[Start of section]

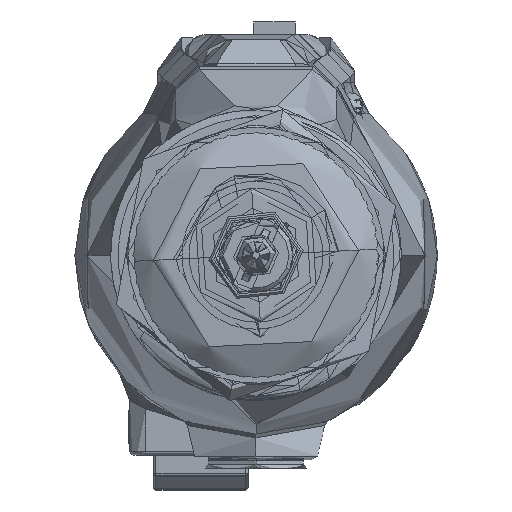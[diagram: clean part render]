
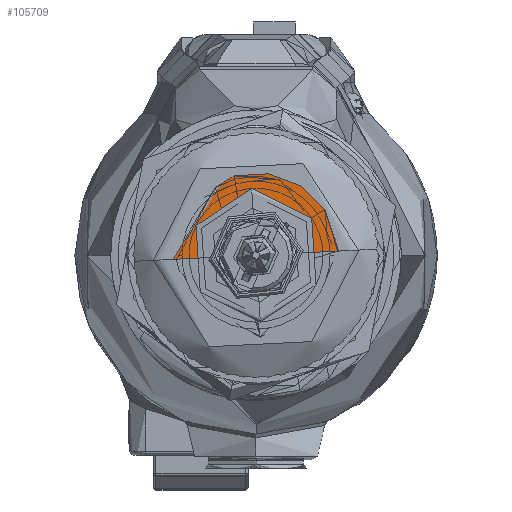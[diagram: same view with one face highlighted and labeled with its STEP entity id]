
A CAD part, front view. The second image highlights one B-rep face of the part: STEP entity #105709.
In plain terms, the highlighted conical face has half-angle 45 degrees and reference radius 10.022 mm.
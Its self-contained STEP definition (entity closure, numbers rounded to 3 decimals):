
#3598 = CARTESIAN_POINT ( 'NONE',  ( 25.6, -1.378, -10.525 ) ) ;
#4949 = CARTESIAN_POINT ( 'NONE',  ( 25.6, -5.301, 9.197 ) ) ;
#5216 = CARTESIAN_POINT ( 'NONE',  ( 25.097, 0., -10.022 ) ) ;
#5719 = CARTESIAN_POINT ( 'NONE',  ( 25.6, -10.525, -1.378 ) ) ;
#7328 = CARTESIAN_POINT ( 'NONE',  ( 25.132, -6.648, -7.6 ) ) ;
#7657 = CARTESIAN_POINT ( 'NONE',  ( 25.196, 0., -10.121 ) ) ;
#8214 = EDGE_CURVE ( 'NONE', #27287, #114881, #52422, .T. ) ;
#11326 = CARTESIAN_POINT ( 'NONE',  ( 25.517, -4.515, 9.461 ) ) ;
#13109 = CARTESIAN_POINT ( 'NONE',  ( 25.6, -10.251, -2.755 ) ) ;
#13924 = CARTESIAN_POINT ( 'NONE',  ( 25.525, -5.319, 8.995 ) ) ;
#14321 = CARTESIAN_POINT ( 'NONE',  ( 25.6, -2.755, 10.251 ) ) ;
#15440 = CARTESIAN_POINT ( 'NONE',  ( 25.1, 0., 0. ) ) ;
#16967 = CARTESIAN_POINT ( 'NONE',  ( 25.525, -10.198, -2.28 ) ) ;
#17699 = CARTESIAN_POINT ( 'NONE',  ( 25.097, 0., 10.022 ) ) ;
#18576 = CARTESIAN_POINT ( 'NONE',  ( 25.1, -9.356, 3.602 ) ) ;
#23365 = VERTEX_POINT ( 'NONE', #56411 ) ;
#23721 = CARTESIAN_POINT ( 'NONE',  ( 25.6, -9.197, 5.301 ) ) ;
#24493 = CARTESIAN_POINT ( 'NONE',  ( 25.156, -4.396, -9.117 ) ) ;
#24735 = CARTESIAN_POINT ( 'NONE',  ( 25.1, -9.356, 3.602 ) ) ;
#24864 = CARTESIAN_POINT ( 'NONE',  ( 25.525, 0., 0. ) ) ;
#25568 = B_SPLINE_CURVE_WITH_KNOTS ( 'NONE', 3,
 ( #103782, #11326, #30019, #113150, #114372, #57309 ),
 .UNSPECIFIED., .F., .F.,
 ( 4, 2, 4 ),
 ( 0., 0.056, 0.112 ),
 .UNSPECIFIED. ) ;
#27286 = EDGE_CURVE ( 'NONE', #31734, #23365, #63490, .T. ) ;
#27287 = VERTEX_POINT ( 'NONE', #99840 ) ;
#28415 = ORIENTED_EDGE ( 'NONE', *, *, #8214, .T. ) ;
#30019 = CARTESIAN_POINT ( 'NONE',  ( 25.509, -3.648, 9.819 ) ) ;
#31734 = VERTEX_POINT ( 'NONE', #7657 ) ;
#32630 = FACE_OUTER_BOUND ( 'NONE', #54611, .T. ) ;
#33670 = CARTESIAN_POINT ( 'NONE',  ( 25.6, 0., -10.525 ) ) ;
#34181 = DIRECTION ( 'NONE',  ( -1., 0., 0. ) ) ;
#35415 = CARTESIAN_POINT ( 'NONE',  ( 25.164, -3.559, -9.484 ) ) ;
#38204 = ORIENTED_EDGE ( 'NONE', *, *, #87299, .F. ) ;
#39947 = VECTOR ( 'NONE', #84063, 1000. ) ;
#40268 = CIRCLE ( 'NONE', #114120, 10.45 ) ;
#41201 = CARTESIAN_POINT ( 'NONE',  ( 25.6, -8.416, -6.468 ) ) ;
#44271 = LINE ( 'NONE', #17699, #39947 ) ;
#47763 = EDGE_CURVE ( 'NONE', #82704, #81748, #25568, .T. ) ;
#48144 = ORIENTED_EDGE ( 'NONE', *, *, #120659, .T. ) ;
#51753 = CARTESIAN_POINT ( 'NONE',  ( 25.196, 0., -10.121 ) ) ;
#52082 = EDGE_CURVE ( 'NONE', #106156, #23365, #71765, .T. ) ;
#52147 = CARTESIAN_POINT ( 'NONE',  ( 25.6, -8.416, 6.468 ) ) ;
#52422 = B_SPLINE_CURVE_WITH_KNOTS ( 'NONE', 3,
 ( #116185, #87691, #14321, #4949, #70141, #52147, #23721, #61564, #88894, #5719, #13109, #78288, #41201, #59968, #120176, #57768, #3598, #33670 ),
 .UNSPECIFIED., .F., .F.,
 ( 4, 2, 2, 2, 2, 2, 2, 2, 4 ),
 ( 0.25, 0.313, 0.375, 0.438, 0.5, 0.563, 0.625, 0.688, 0.75 ),
 .UNSPECIFIED. ) ;
#54407 = CARTESIAN_POINT ( 'NONE',  ( 25.383, -10.352, -0.239 ) ) ;
#54611 = EDGE_LOOP ( 'NONE', ( #107975, #48144, #28415, #38204, #109199, #99773, #71286, #86907 ) ) ;
#56411 = CARTESIAN_POINT ( 'NONE',  ( 25.1, -8.83, -4.746 ) ) ;
#57309 = CARTESIAN_POINT ( 'NONE',  ( 25.477, 0., 10.403 ) ) ;
#57768 = CARTESIAN_POINT ( 'NONE',  ( 25.6, -2.755, -10.251 ) ) ;
#59039 = CARTESIAN_POINT ( 'NONE',  ( 25.6, 0., -10.525 ) ) ;
#59968 = CARTESIAN_POINT ( 'NONE',  ( 25.6, -6.468, -8.416 ) ) ;
#61020 = EDGE_CURVE ( 'NONE', #66032, #82704, #40268, .T. ) ;
#61564 = CARTESIAN_POINT ( 'NONE',  ( 25.6, -10.251, 2.755 ) ) ;
#62285 = DIRECTION ( 'NONE',  ( 1., 0., 0. ) ) ;
#62584 = CARTESIAN_POINT ( 'NONE',  ( 25.454, -10.352, -1.266 ) ) ;
#62740 = CARTESIAN_POINT ( 'NONE',  ( 25.1, -8.83, -4.746 ) ) ;
#63490 = B_SPLINE_CURVE_WITH_KNOTS ( 'NONE', 3,
 ( #51753, #118149, #117756, #35415, #24493, #100660, #7328, #72517, #117366, #62740 ),
 .UNSPECIFIED., .F., .F.,
 ( 4, 2, 2, 2, 4 ),
 ( 0.773, 0.83, 0.887, 0.943, 1. ),
 .UNSPECIFIED. ) ;
#64645 = CONICAL_SURFACE ( 'NONE', #109675, 10.022, 0.785 ) ;
#66032 = VERTEX_POINT ( 'NONE', #117217 ) ;
#66530 = VECTOR ( 'NONE', #104116, 1000. ) ;
#67577 = B_SPLINE_CURVE_WITH_KNOTS ( 'NONE', 3,
 ( #16967, #62584, #54407, #119627, #80541, #24735 ),
 .UNSPECIFIED., .F., .F.,
 ( 4, 2, 4 ),
 ( 0., 0.5, 1. ),
 .UNSPECIFIED. ) ;
#68367 = CARTESIAN_POINT ( 'NONE',  ( 25.097, 0., 0. ) ) ;
#70141 = CARTESIAN_POINT ( 'NONE',  ( 25.6, -6.468, 8.416 ) ) ;
#71286 = ORIENTED_EDGE ( 'NONE', *, *, #116937, .F. ) ;
#71765 = CIRCLE ( 'NONE', #105191, 10.025 ) ;
#72517 = CARTESIAN_POINT ( 'NONE',  ( 25.116, -7.883, -6.284 ) ) ;
#78288 = CARTESIAN_POINT ( 'NONE',  ( 25.6, -9.197, -5.301 ) ) ;
#80541 = CARTESIAN_POINT ( 'NONE',  ( 25.171, -9.775, 2.712 ) ) ;
#81748 = VERTEX_POINT ( 'NONE', #108553 ) ;
#82572 = LINE ( 'NONE', #5216, #66530 ) ;
#82704 = VERTEX_POINT ( 'NONE', #13924 ) ;
#84063 = DIRECTION ( 'NONE',  ( 0.707, 0., 0.707 ) ) ;
#84248 = DIRECTION ( 'NONE',  ( 1., 0., 0. ) ) ;
#86907 = ORIENTED_EDGE ( 'NONE', *, *, #61020, .T. ) ;
#87299 = EDGE_CURVE ( 'NONE', #31734, #114881, #82572, .T. ) ;
#87691 = CARTESIAN_POINT ( 'NONE',  ( 25.6, -1.378, 10.525 ) ) ;
#88894 = CARTESIAN_POINT ( 'NONE',  ( 25.6, -10.525, 1.378 ) ) ;
#99773 = ORIENTED_EDGE ( 'NONE', *, *, #52082, .F. ) ;
#99840 = CARTESIAN_POINT ( 'NONE',  ( 25.6, 0., 10.525 ) ) ;
#100660 = CARTESIAN_POINT ( 'NONE',  ( 25.14, -5.941, -8.175 ) ) ;
#102589 = DIRECTION ( 'NONE',  ( 0., 0., -1. ) ) ;
#103782 = CARTESIAN_POINT ( 'NONE',  ( 25.525, -5.319, 8.995 ) ) ;
#104116 = DIRECTION ( 'NONE',  ( 0.707, 0., -0.707 ) ) ;
#105191 = AXIS2_PLACEMENT_3D ( 'NONE', #15440, #62285, #118915 ) ;
#105709 = ADVANCED_FACE ( 'NONE', ( #32630 ), #64645, .F. ) ;
#106156 = VERTEX_POINT ( 'NONE', #18576 ) ;
#107975 = ORIENTED_EDGE ( 'NONE', *, *, #47763, .T. ) ;
#108553 = CARTESIAN_POINT ( 'NONE',  ( 25.477, 0., 10.403 ) ) ;
#109199 = ORIENTED_EDGE ( 'NONE', *, *, #27286, .T. ) ;
#109675 = AXIS2_PLACEMENT_3D ( 'NONE', #68367, #84248, #102589 ) ;
#113150 = CARTESIAN_POINT ( 'NONE',  ( 25.493, -1.854, 10.294 ) ) ;
#114120 = AXIS2_PLACEMENT_3D ( 'NONE', #24864, #34181, #118536 ) ;
#114372 = CARTESIAN_POINT ( 'NONE',  ( 25.485, -0.926, 10.41 ) ) ;
#114881 = VERTEX_POINT ( 'NONE', #59039 ) ;
#116185 = CARTESIAN_POINT ( 'NONE',  ( 25.6, 0., 10.525 ) ) ;
#116937 = EDGE_CURVE ( 'NONE', #66032, #106156, #67577, .T. ) ;
#117217 = CARTESIAN_POINT ( 'NONE',  ( 25.525, -10.198, -2.28 ) ) ;
#117366 = CARTESIAN_POINT ( 'NONE',  ( 25.108, -8.411, -5.543 ) ) ;
#117756 = CARTESIAN_POINT ( 'NONE',  ( 25.18, -1.815, -9.982 ) ) ;
#118149 = CARTESIAN_POINT ( 'NONE',  ( 25.188, -0.909, -10.113 ) ) ;
#118536 = DIRECTION ( 'NONE',  ( 0., -1., 0. ) ) ;
#118915 = DIRECTION ( 'NONE',  ( 0., 1., 0. ) ) ;
#119627 = CARTESIAN_POINT ( 'NONE',  ( 25.242, -10.065, 1.75 ) ) ;
#120176 = CARTESIAN_POINT ( 'NONE',  ( 25.6, -5.301, -9.197 ) ) ;
#120659 = EDGE_CURVE ( 'NONE', #81748, #27287, #44271, .T. ) ;

[End of section]

▶ [Required work]: In the material above, transcribe exactly the lines beginning at the one with "#63490 = B_SPLINE_CURVE_WITH_KNOTS" and ending at the one with "#66530 = VECTOR ( 'NONE', #104116, 1000. ) ;", both included.

▶ [Solution for this exercise]:
#63490 = B_SPLINE_CURVE_WITH_KNOTS ( 'NONE', 3,
 ( #51753, #118149, #117756, #35415, #24493, #100660, #7328, #72517, #117366, #62740 ),
 .UNSPECIFIED., .F., .F.,
 ( 4, 2, 2, 2, 4 ),
 ( 0.773, 0.83, 0.887, 0.943, 1. ),
 .UNSPECIFIED. ) ;
#64645 = CONICAL_SURFACE ( 'NONE', #109675, 10.022, 0.785 ) ;
#66032 = VERTEX_POINT ( 'NONE', #117217 ) ;
#66530 = VECTOR ( 'NONE', #104116, 1000. ) ;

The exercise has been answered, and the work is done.